_Task instructions_
Give every line from the entries that contains "CHAIN".

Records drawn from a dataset
- Opening Delimiter -
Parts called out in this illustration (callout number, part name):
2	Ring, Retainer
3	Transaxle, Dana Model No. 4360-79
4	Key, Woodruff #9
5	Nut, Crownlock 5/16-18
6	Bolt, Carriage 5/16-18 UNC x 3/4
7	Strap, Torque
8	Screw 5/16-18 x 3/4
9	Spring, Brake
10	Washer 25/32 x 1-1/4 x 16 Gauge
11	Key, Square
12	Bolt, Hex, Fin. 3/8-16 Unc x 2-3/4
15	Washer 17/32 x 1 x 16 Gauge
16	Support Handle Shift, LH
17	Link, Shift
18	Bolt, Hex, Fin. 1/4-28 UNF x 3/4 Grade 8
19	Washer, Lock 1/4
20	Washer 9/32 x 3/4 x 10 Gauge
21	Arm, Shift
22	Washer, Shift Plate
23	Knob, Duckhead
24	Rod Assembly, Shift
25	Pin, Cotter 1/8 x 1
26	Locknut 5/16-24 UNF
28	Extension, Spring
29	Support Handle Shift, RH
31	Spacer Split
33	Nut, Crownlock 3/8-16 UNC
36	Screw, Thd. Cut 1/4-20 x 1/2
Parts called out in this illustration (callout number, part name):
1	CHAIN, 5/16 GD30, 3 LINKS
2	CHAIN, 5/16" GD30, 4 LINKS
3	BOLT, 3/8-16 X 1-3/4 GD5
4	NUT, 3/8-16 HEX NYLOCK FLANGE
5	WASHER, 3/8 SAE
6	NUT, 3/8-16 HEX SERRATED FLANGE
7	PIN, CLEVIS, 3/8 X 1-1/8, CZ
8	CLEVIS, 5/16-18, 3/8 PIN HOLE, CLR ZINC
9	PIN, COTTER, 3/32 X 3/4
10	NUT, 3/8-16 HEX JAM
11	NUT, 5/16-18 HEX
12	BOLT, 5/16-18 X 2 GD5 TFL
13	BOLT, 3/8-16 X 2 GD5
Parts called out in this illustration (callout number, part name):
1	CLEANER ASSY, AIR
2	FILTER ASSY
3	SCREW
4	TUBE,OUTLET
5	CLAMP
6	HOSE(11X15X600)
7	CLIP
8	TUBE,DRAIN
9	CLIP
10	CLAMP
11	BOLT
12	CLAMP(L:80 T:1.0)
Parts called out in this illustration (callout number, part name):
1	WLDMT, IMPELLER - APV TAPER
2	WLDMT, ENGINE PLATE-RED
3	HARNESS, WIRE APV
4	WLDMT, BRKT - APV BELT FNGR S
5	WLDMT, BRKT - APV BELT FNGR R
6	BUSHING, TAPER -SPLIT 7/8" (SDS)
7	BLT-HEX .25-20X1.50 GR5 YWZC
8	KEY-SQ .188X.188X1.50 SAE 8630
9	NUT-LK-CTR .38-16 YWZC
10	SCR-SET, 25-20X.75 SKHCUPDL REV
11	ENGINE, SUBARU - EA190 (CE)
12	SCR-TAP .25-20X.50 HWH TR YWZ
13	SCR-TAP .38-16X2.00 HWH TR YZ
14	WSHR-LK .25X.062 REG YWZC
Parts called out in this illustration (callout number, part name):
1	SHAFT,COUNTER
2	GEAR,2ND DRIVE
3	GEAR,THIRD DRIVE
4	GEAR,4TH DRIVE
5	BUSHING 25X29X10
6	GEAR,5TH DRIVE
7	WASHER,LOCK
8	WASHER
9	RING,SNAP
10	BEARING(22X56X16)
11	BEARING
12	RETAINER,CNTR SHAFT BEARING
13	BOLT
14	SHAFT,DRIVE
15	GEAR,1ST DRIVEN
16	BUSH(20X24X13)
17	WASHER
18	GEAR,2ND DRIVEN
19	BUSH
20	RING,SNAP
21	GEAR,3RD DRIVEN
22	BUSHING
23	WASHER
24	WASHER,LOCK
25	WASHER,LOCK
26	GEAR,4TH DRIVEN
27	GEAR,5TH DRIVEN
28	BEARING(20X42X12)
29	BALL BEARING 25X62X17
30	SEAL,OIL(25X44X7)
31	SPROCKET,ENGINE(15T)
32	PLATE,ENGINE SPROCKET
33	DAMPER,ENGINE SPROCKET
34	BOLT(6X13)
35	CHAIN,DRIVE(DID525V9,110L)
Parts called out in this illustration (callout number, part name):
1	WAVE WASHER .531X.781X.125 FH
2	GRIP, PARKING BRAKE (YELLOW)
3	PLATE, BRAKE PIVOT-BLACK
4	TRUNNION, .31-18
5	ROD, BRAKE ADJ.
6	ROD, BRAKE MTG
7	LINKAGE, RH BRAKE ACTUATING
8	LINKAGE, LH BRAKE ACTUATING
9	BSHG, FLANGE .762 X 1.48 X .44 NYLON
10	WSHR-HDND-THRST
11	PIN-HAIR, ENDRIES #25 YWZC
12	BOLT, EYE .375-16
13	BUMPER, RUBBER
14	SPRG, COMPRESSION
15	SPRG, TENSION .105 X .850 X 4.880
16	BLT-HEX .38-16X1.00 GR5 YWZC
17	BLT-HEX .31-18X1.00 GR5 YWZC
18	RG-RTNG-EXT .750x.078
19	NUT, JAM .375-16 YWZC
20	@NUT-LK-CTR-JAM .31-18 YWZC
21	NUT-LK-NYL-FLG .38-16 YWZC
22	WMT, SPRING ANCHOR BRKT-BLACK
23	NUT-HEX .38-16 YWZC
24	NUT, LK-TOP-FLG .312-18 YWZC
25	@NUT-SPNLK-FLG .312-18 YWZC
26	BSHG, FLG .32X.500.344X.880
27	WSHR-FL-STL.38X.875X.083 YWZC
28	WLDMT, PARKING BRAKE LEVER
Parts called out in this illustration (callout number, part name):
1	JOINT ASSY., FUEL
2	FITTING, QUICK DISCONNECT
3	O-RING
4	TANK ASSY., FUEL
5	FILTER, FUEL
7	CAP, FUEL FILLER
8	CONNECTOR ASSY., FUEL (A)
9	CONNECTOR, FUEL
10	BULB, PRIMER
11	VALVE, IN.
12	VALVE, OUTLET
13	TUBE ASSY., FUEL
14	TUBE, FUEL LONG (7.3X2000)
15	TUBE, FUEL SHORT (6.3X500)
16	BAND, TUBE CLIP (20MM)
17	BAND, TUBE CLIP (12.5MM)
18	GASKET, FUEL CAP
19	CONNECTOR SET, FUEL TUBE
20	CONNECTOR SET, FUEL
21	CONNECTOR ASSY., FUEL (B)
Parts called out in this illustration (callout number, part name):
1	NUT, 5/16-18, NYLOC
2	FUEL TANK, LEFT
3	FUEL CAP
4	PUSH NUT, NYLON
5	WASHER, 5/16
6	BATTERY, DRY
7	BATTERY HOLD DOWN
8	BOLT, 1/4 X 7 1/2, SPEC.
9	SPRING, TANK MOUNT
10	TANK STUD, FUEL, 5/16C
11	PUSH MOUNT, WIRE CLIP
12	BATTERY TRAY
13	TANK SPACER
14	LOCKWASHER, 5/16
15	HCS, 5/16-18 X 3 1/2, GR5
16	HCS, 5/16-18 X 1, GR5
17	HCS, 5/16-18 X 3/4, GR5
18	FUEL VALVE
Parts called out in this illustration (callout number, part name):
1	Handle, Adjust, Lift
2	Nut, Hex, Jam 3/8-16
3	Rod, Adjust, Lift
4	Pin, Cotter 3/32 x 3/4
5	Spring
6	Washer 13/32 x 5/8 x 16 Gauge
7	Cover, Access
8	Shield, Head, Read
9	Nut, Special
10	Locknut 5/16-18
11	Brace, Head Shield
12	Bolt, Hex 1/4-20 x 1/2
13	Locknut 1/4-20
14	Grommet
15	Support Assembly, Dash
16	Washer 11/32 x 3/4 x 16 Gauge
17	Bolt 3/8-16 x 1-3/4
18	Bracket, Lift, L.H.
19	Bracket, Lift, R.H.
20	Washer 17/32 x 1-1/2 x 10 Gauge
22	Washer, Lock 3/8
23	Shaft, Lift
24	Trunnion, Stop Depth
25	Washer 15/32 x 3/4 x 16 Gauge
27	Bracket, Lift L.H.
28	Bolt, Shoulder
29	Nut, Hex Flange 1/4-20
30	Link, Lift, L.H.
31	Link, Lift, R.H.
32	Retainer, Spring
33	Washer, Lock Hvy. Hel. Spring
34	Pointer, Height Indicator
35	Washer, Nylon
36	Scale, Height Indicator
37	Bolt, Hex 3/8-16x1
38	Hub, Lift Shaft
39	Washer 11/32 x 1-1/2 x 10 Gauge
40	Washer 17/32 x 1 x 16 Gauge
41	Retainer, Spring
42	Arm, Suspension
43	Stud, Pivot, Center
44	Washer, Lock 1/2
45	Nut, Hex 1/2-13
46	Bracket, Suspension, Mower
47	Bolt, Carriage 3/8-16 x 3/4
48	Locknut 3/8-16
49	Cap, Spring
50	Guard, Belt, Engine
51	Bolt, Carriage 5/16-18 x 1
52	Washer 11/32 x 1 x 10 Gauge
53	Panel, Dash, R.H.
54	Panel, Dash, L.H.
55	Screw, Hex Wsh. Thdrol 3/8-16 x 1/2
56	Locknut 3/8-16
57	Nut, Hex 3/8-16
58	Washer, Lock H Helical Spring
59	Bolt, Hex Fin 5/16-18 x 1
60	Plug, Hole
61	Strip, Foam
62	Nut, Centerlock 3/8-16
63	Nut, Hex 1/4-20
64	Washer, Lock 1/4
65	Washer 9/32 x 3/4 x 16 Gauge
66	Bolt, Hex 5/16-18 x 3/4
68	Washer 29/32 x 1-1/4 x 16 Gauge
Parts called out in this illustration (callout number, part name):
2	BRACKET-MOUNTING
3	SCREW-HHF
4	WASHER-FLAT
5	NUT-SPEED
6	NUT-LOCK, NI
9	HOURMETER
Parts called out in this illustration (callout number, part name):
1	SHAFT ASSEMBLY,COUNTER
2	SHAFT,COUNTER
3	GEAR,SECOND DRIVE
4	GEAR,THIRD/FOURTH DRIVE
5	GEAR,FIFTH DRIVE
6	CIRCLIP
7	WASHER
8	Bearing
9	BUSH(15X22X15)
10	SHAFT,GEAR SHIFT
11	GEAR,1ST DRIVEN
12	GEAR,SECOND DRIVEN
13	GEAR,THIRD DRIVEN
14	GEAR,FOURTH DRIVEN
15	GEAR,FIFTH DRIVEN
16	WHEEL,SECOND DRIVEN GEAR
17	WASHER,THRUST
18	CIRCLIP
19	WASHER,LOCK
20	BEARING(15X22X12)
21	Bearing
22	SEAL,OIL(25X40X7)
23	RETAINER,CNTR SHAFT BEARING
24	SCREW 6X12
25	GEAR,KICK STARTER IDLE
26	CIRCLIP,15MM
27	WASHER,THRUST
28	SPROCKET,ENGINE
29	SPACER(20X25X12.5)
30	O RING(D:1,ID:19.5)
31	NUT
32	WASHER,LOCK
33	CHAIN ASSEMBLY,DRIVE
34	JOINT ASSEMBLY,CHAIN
- Closing Delimiter -
_Expected output_
1	CHAIN, 5/16 GD30, 3 LINKS
2	CHAIN, 5/16" GD30, 4 LINKS
35	CHAIN,DRIVE(DID525V9,110L)
33	CHAIN ASSEMBLY,DRIVE
34	JOINT ASSEMBLY,CHAIN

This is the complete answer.